··· EXERCISE INPUTS ···
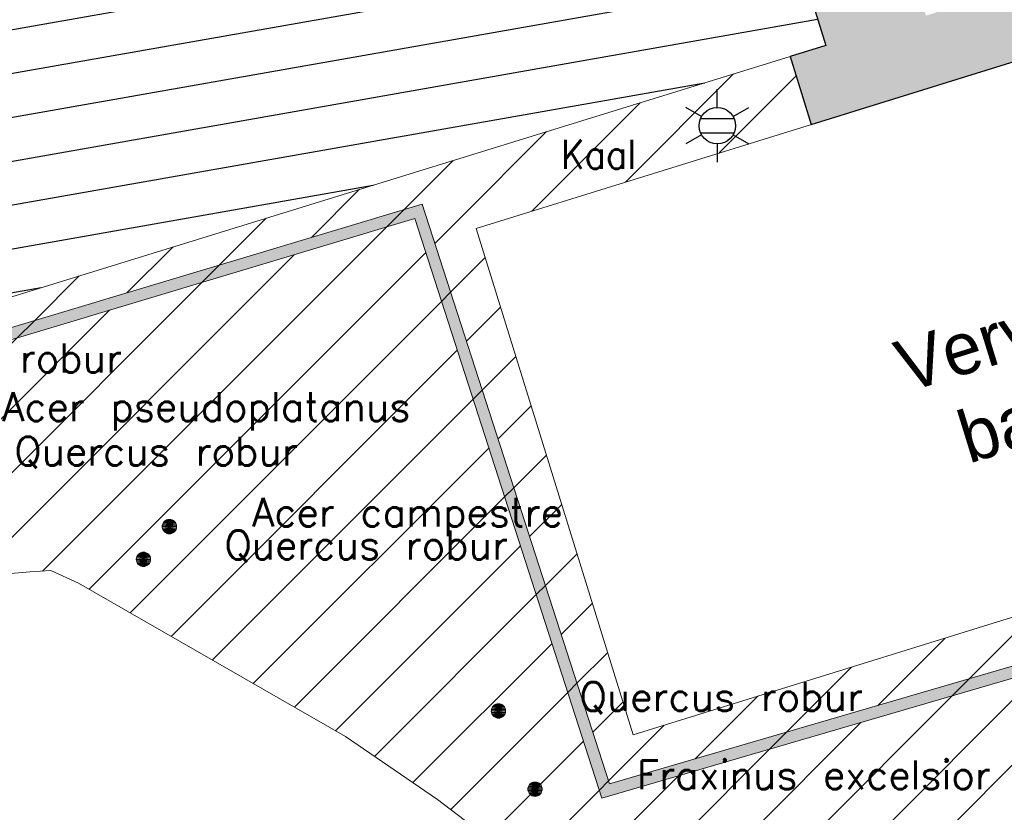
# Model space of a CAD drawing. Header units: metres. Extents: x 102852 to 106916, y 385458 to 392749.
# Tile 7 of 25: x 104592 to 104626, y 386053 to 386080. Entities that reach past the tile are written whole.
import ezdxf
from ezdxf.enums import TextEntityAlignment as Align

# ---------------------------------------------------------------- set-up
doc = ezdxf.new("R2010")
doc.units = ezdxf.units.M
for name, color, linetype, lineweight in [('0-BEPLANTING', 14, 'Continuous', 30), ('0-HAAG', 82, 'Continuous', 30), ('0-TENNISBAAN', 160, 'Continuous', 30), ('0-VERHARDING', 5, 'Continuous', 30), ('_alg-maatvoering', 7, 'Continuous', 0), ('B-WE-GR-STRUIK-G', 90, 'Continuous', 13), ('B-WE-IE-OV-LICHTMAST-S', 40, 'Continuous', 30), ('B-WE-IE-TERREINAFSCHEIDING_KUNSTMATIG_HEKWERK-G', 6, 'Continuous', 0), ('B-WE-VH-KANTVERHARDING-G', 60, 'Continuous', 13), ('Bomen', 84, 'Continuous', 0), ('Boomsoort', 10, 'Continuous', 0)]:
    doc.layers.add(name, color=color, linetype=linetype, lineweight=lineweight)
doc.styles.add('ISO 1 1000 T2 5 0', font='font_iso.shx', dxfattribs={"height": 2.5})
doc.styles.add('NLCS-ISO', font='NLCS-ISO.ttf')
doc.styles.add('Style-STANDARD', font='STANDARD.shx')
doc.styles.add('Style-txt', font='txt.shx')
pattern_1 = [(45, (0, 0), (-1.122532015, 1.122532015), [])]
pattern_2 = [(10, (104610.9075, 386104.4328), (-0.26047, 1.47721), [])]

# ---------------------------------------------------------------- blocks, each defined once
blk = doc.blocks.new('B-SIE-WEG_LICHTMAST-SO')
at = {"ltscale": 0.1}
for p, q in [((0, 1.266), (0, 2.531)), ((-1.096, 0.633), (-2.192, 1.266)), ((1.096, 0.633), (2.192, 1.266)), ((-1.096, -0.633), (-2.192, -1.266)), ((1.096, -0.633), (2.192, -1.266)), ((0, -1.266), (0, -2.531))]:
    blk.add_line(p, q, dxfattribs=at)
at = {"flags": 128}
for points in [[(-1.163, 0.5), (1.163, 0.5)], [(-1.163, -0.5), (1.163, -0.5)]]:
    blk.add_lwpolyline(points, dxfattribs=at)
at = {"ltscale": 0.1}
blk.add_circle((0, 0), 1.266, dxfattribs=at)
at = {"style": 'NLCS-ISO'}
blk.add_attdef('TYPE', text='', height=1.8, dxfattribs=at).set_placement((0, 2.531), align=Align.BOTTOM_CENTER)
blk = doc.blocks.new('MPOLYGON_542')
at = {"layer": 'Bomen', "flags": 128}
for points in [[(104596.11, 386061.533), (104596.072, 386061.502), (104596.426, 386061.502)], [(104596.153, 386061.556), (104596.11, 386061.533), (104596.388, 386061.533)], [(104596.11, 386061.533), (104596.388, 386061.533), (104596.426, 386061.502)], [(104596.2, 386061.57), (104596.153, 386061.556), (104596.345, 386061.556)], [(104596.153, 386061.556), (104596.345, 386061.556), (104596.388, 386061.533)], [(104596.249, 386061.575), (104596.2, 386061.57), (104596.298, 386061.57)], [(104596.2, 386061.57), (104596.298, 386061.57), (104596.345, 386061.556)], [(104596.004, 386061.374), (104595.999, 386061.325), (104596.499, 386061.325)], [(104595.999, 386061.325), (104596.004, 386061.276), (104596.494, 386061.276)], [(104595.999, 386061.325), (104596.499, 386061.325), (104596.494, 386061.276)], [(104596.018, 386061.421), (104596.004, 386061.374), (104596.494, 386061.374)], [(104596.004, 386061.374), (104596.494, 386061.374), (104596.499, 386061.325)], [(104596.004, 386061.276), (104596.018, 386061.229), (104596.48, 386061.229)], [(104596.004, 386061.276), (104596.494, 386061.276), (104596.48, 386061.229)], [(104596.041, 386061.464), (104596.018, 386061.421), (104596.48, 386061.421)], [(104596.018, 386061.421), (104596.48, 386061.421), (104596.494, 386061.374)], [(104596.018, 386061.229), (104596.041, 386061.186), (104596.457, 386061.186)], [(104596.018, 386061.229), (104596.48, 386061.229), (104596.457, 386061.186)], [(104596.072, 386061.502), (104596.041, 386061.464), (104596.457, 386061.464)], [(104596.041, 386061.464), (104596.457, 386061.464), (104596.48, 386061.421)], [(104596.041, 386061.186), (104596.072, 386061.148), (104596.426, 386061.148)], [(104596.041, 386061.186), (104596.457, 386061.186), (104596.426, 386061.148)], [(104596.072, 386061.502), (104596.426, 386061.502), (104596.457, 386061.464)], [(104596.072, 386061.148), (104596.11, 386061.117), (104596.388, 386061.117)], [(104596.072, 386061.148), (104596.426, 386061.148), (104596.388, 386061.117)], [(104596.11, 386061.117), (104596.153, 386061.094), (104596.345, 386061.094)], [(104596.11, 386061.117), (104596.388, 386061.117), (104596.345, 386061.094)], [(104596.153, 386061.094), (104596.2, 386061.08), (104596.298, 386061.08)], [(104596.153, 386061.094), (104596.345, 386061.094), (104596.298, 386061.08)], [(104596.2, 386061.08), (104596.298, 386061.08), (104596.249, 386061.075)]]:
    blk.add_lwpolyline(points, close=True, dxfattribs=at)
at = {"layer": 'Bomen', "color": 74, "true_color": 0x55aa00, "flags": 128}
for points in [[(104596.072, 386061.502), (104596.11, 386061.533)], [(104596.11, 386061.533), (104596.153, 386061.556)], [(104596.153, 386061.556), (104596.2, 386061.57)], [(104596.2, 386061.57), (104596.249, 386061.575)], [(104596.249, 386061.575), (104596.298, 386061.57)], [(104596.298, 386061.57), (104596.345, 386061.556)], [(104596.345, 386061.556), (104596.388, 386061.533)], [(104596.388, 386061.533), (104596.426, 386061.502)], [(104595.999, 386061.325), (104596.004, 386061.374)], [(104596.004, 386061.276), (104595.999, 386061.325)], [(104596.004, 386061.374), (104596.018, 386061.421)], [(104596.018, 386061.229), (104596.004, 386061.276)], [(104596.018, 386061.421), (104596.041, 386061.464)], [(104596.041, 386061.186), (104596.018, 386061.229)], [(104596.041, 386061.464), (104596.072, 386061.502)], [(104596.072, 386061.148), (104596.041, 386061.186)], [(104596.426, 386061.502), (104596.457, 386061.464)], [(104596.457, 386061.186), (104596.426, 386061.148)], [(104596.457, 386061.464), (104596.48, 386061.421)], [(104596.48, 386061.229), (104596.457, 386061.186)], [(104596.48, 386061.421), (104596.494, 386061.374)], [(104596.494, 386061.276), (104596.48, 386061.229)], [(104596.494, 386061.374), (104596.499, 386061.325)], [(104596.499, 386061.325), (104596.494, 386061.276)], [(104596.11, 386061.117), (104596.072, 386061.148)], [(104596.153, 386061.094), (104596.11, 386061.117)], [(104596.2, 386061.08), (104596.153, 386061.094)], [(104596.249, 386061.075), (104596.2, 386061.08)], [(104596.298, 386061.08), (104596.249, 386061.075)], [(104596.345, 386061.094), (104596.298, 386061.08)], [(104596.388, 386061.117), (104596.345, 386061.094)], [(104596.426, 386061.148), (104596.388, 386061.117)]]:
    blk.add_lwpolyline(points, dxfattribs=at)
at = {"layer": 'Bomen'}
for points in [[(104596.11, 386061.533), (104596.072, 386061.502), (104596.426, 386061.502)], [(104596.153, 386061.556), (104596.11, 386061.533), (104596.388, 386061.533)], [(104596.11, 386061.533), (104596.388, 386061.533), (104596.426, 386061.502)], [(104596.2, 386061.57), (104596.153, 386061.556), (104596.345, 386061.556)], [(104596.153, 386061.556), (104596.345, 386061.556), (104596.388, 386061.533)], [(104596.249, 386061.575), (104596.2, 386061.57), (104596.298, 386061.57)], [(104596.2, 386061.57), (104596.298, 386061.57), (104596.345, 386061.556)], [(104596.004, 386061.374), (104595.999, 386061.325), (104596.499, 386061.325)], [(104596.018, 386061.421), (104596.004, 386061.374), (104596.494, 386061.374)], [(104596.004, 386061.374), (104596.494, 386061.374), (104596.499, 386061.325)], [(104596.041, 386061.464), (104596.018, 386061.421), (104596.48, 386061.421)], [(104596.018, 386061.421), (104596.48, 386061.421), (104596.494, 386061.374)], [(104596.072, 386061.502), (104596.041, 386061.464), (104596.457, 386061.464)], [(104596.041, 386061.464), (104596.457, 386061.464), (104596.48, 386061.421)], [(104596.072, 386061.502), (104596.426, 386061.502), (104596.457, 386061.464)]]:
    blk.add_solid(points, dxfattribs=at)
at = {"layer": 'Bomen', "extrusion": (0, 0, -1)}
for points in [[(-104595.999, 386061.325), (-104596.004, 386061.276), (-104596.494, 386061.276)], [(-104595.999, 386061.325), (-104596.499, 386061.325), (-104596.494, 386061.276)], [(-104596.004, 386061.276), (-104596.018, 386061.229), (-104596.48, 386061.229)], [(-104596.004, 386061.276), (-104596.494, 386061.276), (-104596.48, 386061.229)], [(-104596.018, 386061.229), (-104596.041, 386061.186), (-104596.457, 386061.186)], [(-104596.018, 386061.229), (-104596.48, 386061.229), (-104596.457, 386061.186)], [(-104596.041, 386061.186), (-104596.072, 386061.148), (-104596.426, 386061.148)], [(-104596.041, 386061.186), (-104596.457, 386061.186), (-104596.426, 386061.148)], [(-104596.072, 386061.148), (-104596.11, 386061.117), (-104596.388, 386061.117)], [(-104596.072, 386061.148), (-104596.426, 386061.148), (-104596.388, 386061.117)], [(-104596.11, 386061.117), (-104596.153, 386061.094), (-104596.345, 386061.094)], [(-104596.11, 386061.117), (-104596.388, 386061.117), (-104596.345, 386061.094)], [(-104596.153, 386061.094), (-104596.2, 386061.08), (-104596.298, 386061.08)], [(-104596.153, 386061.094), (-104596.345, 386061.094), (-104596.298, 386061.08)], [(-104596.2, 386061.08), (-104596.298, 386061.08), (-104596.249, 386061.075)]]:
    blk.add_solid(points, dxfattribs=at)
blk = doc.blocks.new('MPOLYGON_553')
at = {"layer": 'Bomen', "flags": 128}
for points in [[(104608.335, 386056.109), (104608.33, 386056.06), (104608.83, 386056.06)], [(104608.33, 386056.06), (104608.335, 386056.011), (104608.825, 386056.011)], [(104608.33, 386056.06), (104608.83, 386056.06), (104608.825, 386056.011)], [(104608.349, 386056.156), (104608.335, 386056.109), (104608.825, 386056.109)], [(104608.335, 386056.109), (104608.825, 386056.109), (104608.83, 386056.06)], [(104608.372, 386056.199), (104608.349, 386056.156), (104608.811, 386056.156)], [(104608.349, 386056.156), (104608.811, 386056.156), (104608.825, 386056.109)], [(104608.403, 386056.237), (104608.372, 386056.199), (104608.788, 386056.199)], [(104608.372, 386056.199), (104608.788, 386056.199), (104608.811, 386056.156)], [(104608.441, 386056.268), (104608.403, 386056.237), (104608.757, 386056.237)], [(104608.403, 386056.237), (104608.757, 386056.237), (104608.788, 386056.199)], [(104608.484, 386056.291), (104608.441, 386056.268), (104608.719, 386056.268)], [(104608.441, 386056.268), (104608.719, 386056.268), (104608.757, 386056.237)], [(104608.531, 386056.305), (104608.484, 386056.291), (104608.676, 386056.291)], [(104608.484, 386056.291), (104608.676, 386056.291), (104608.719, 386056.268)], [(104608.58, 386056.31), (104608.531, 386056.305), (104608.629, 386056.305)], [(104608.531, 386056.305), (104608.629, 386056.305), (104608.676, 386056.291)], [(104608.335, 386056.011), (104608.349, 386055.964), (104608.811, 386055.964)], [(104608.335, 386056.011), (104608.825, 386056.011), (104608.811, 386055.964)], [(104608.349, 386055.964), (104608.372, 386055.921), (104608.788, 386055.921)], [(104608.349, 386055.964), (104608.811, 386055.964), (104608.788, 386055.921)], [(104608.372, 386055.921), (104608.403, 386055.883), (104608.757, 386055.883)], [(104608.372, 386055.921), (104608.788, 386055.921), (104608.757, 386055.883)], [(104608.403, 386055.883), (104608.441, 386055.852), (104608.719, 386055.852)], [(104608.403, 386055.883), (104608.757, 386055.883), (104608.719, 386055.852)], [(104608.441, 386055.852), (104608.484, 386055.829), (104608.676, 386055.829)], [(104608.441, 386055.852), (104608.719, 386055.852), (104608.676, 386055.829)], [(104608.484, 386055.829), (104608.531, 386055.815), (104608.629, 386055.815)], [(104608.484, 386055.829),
···
__ACTION ITEM__
Look above for the line holding "for p, q in", then set down exactly that line and every line after it up to and including the line holding "blk.add_circle((0, 0), 1.266, dxfattribs=at)", with nothing else.

__ANSWER FOR THE TASK__
for p, q in [((0, 1.266), (0, 2.531)), ((-1.096, 0.633), (-2.192, 1.266)), ((1.096, 0.633), (2.192, 1.266)), ((-1.096, -0.633), (-2.192, -1.266)), ((1.096, -0.633), (2.192, -1.266)), ((0, -1.266), (0, -2.531))]:
    blk.add_line(p, q, dxfattribs=at)
at = {"flags": 128}
for points in [[(-1.163, 0.5), (1.163, 0.5)], [(-1.163, -0.5), (1.163, -0.5)]]:
    blk.add_lwpolyline(points, dxfattribs=at)
at = {"ltscale": 0.1}
blk.add_circle((0, 0), 1.266, dxfattribs=at)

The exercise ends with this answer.